Retype the full set of data, character for character.
(Source data Opens)
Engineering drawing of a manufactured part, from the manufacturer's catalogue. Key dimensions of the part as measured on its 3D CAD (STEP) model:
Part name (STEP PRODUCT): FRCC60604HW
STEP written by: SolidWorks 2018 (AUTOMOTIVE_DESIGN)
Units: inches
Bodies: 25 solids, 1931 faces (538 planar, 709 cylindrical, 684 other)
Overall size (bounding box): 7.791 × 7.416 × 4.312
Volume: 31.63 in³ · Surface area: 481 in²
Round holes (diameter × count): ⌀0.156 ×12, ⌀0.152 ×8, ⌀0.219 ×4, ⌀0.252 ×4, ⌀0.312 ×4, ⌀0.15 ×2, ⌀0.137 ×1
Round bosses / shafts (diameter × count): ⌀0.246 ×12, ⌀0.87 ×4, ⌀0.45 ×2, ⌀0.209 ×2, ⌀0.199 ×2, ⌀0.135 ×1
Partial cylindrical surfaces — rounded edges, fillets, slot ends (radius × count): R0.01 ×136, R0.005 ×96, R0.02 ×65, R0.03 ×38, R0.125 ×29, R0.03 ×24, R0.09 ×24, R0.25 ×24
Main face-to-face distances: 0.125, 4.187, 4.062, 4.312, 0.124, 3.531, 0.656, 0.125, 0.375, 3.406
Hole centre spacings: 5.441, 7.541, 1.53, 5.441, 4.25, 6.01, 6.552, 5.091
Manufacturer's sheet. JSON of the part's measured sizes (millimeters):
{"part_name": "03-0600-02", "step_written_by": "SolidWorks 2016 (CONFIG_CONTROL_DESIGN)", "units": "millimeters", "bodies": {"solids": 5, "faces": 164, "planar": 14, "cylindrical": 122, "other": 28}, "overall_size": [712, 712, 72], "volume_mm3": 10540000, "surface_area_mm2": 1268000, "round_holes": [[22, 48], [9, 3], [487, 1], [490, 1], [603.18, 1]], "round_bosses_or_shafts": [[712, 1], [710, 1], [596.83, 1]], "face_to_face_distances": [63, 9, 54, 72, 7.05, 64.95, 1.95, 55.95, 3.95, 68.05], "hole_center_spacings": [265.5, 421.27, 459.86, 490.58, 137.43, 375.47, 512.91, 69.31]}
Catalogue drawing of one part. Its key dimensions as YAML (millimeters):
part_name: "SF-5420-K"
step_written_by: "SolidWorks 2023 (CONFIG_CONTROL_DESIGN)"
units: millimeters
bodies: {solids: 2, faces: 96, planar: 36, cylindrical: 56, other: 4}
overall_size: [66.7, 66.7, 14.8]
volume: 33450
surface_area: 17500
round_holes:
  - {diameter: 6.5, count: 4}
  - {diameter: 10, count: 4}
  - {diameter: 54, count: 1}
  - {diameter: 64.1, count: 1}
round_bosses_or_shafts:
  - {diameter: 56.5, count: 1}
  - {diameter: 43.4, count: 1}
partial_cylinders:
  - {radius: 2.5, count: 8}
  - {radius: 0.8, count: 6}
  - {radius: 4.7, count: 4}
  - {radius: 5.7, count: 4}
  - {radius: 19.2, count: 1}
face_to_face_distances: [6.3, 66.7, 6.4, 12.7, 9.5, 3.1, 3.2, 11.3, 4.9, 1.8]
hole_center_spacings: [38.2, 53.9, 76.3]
(Source data Closes)
**The completed task:**
Engineering drawing of a manufactured part, from the manufacturer's catalogue. Key dimensions of the part as measured on its 3D CAD (STEP) model:
Part name (STEP PRODUCT): FRCC60604HW
STEP written by: SolidWorks 2018 (AUTOMOTIVE_DESIGN)
Units: inches
Bodies: 25 solids, 1931 faces (538 planar, 709 cylindrical, 684 other)
Overall size (bounding box): 7.791 × 7.416 × 4.312
Volume: 31.63 in³ · Surface area: 481 in²
Round holes (diameter × count): ⌀0.156 ×12, ⌀0.152 ×8, ⌀0.219 ×4, ⌀0.252 ×4, ⌀0.312 ×4, ⌀0.15 ×2, ⌀0.137 ×1
Round bosses / shafts (diameter × count): ⌀0.246 ×12, ⌀0.87 ×4, ⌀0.45 ×2, ⌀0.209 ×2, ⌀0.199 ×2, ⌀0.135 ×1
Partial cylindrical surfaces — rounded edges, fillets, slot ends (radius × count): R0.01 ×136, R0.005 ×96, R0.02 ×65, R0.03 ×38, R0.125 ×29, R0.03 ×24, R0.09 ×24, R0.25 ×24
Main face-to-face distances: 0.125, 4.187, 4.062, 4.312, 0.124, 3.531, 0.656, 0.125, 0.375, 3.406
Hole centre spacings: 5.441, 7.541, 1.53, 5.441, 4.25, 6.01, 6.552, 5.091
Manufacturer's sheet. JSON of the part's measured sizes (millimeters):
{"part_name": "03-0600-02", "step_written_by": "SolidWorks 2016 (CONFIG_CONTROL_DESIGN)", "units": "millimeters", "bodies": {"solids": 5, "faces": 164, "planar": 14, "cylindrical": 122, "other": 28}, "overall_size": [712, 712, 72], "volume_mm3": 10540000, "surface_area_mm2": 1268000, "round_holes": [[22, 48], [9, 3], [487, 1], [490, 1], [603.18, 1]], "round_bosses_or_shafts": [[712, 1], [710, 1], [596.83, 1]], "face_to_face_distances": [63, 9, 54, 72, 7.05, 64.95, 1.95, 55.95, 3.95, 68.05], "hole_center_spacings": [265.5, 421.27, 459.86, 490.58, 137.43, 375.47, 512.91, 69.31]}
Catalogue drawing of one part. Its key dimensions as YAML (millimeters):
part_name: "SF-5420-K"
step_written_by: "SolidWorks 2023 (CONFIG_CONTROL_DESIGN)"
units: millimeters
bodies: {solids: 2, faces: 96, planar: 36, cylindrical: 56, other: 4}
overall_size: [66.7, 66.7, 14.8]
volume: 33450
surface_area: 17500
round_holes:
  - {diameter: 6.5, count: 4}
  - {diameter: 10, count: 4}
  - {diameter: 54, count: 1}
  - {diameter: 64.1, count: 1}
round_bosses_or_shafts:
  - {diameter: 56.5, count: 1}
  - {diameter: 43.4, count: 1}
partial_cylinders:
  - {radius: 2.5, count: 8}
  - {radius: 0.8, count: 6}
  - {radius: 4.7, count: 4}
  - {radius: 5.7, count: 4}
  - {radius: 19.2, count: 1}
face_to_face_distances: [6.3, 66.7, 6.4, 12.7, 9.5, 3.1, 3.2, 11.3, 4.9, 1.8]
hole_center_spacings: [38.2, 53.9, 76.3]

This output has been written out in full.